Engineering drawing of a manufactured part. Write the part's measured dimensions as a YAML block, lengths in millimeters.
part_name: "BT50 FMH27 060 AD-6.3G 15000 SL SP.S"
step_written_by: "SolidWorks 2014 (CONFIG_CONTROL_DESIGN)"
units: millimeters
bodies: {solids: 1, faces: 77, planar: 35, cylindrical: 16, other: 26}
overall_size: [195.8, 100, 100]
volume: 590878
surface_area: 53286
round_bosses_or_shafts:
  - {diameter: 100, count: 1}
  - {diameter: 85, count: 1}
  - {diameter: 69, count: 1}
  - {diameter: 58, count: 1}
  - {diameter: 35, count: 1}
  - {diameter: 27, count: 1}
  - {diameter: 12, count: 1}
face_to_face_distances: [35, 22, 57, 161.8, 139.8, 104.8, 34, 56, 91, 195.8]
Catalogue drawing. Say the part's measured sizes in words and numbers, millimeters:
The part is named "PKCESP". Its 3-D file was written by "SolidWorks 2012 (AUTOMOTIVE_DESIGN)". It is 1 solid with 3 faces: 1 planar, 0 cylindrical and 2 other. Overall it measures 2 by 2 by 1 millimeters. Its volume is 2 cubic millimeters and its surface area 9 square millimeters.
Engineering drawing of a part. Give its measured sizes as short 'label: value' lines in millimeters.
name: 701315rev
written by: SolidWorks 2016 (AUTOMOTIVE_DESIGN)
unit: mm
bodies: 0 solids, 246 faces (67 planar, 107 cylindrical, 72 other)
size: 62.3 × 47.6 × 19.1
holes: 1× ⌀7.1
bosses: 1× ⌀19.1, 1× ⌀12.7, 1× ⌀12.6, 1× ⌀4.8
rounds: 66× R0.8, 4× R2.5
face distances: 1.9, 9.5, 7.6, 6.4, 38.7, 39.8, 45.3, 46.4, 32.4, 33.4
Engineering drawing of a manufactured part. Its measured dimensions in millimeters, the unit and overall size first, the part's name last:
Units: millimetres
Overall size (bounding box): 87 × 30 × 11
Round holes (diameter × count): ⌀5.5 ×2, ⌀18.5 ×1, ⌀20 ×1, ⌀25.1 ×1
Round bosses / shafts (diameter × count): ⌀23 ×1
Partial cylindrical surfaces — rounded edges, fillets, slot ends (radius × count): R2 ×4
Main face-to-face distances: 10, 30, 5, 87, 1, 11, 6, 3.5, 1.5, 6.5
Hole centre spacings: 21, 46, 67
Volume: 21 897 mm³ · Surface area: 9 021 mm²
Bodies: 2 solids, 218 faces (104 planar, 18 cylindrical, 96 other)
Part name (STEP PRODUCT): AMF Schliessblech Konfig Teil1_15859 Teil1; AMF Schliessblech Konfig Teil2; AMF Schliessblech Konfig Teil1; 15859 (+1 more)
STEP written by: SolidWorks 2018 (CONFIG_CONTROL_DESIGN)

§ Task details: Return the full data, every line of it, with nothing altered.

§ Response to this task:
Engineering drawing of a manufactured part. Write the part's measured dimensions as a YAML block, lengths in millimeters.
part_name: "BT50 FMH27 060 AD-6.3G 15000 SL SP.S"
step_written_by: "SolidWorks 2014 (CONFIG_CONTROL_DESIGN)"
units: millimeters
bodies: {solids: 1, faces: 77, planar: 35, cylindrical: 16, other: 26}
overall_size: [195.8, 100, 100]
volume: 590878
surface_area: 53286
round_bosses_or_shafts:
  - {diameter: 100, count: 1}
  - {diameter: 85, count: 1}
  - {diameter: 69, count: 1}
  - {diameter: 58, count: 1}
  - {diameter: 35, count: 1}
  - {diameter: 27, count: 1}
  - {diameter: 12, count: 1}
face_to_face_distances: [35, 22, 57, 161.8, 139.8, 104.8, 34, 56, 91, 195.8]
Catalogue drawing. Say the part's measured sizes in words and numbers, millimeters:
The part is named "PKCESP". Its 3-D file was written by "SolidWorks 2012 (AUTOMOTIVE_DESIGN)". It is 1 solid with 3 faces: 1 planar, 0 cylindrical and 2 other. Overall it measures 2 by 2 by 1 millimeters. Its volume is 2 cubic millimeters and its surface area 9 square millimeters.
Engineering drawing of a part. Give its measured sizes as short 'label: value' lines in millimeters.
name: 701315rev
written by: SolidWorks 2016 (AUTOMOTIVE_DESIGN)
unit: mm
bodies: 0 solids, 246 faces (67 planar, 107 cylindrical, 72 other)
size: 62.3 × 47.6 × 19.1
holes: 1× ⌀7.1
bosses: 1× ⌀19.1, 1× ⌀12.7, 1× ⌀12.6, 1× ⌀4.8
rounds: 66× R0.8, 4× R2.5
face distances: 1.9, 9.5, 7.6, 6.4, 38.7, 39.8, 45.3, 46.4, 32.4, 33.4
Engineering drawing of a manufactured part. Its measured dimensions in millimeters, the unit and overall size first, the part's name last:
Units: millimetres
Overall size (bounding box): 87 × 30 × 11
Round holes (diameter × count): ⌀5.5 ×2, ⌀18.5 ×1, ⌀20 ×1, ⌀25.1 ×1
Round bosses / shafts (diameter × count): ⌀23 ×1
Partial cylindrical surfaces — rounded edges, fillets, slot ends (radius × count): R2 ×4
Main face-to-face distances: 10, 30, 5, 87, 1, 11, 6, 3.5, 1.5, 6.5
Hole centre spacings: 21, 46, 67
Volume: 21 897 mm³ · Surface area: 9 021 mm²
Bodies: 2 solids, 218 faces (104 planar, 18 cylindrical, 96 other)
Part name (STEP PRODUCT): AMF Schliessblech Konfig Teil1_15859 Teil1; AMF Schliessblech Konfig Teil2; AMF Schliessblech Konfig Teil1; 15859 (+1 more)
STEP written by: SolidWorks 2018 (CONFIG_CONTROL_DESIGN)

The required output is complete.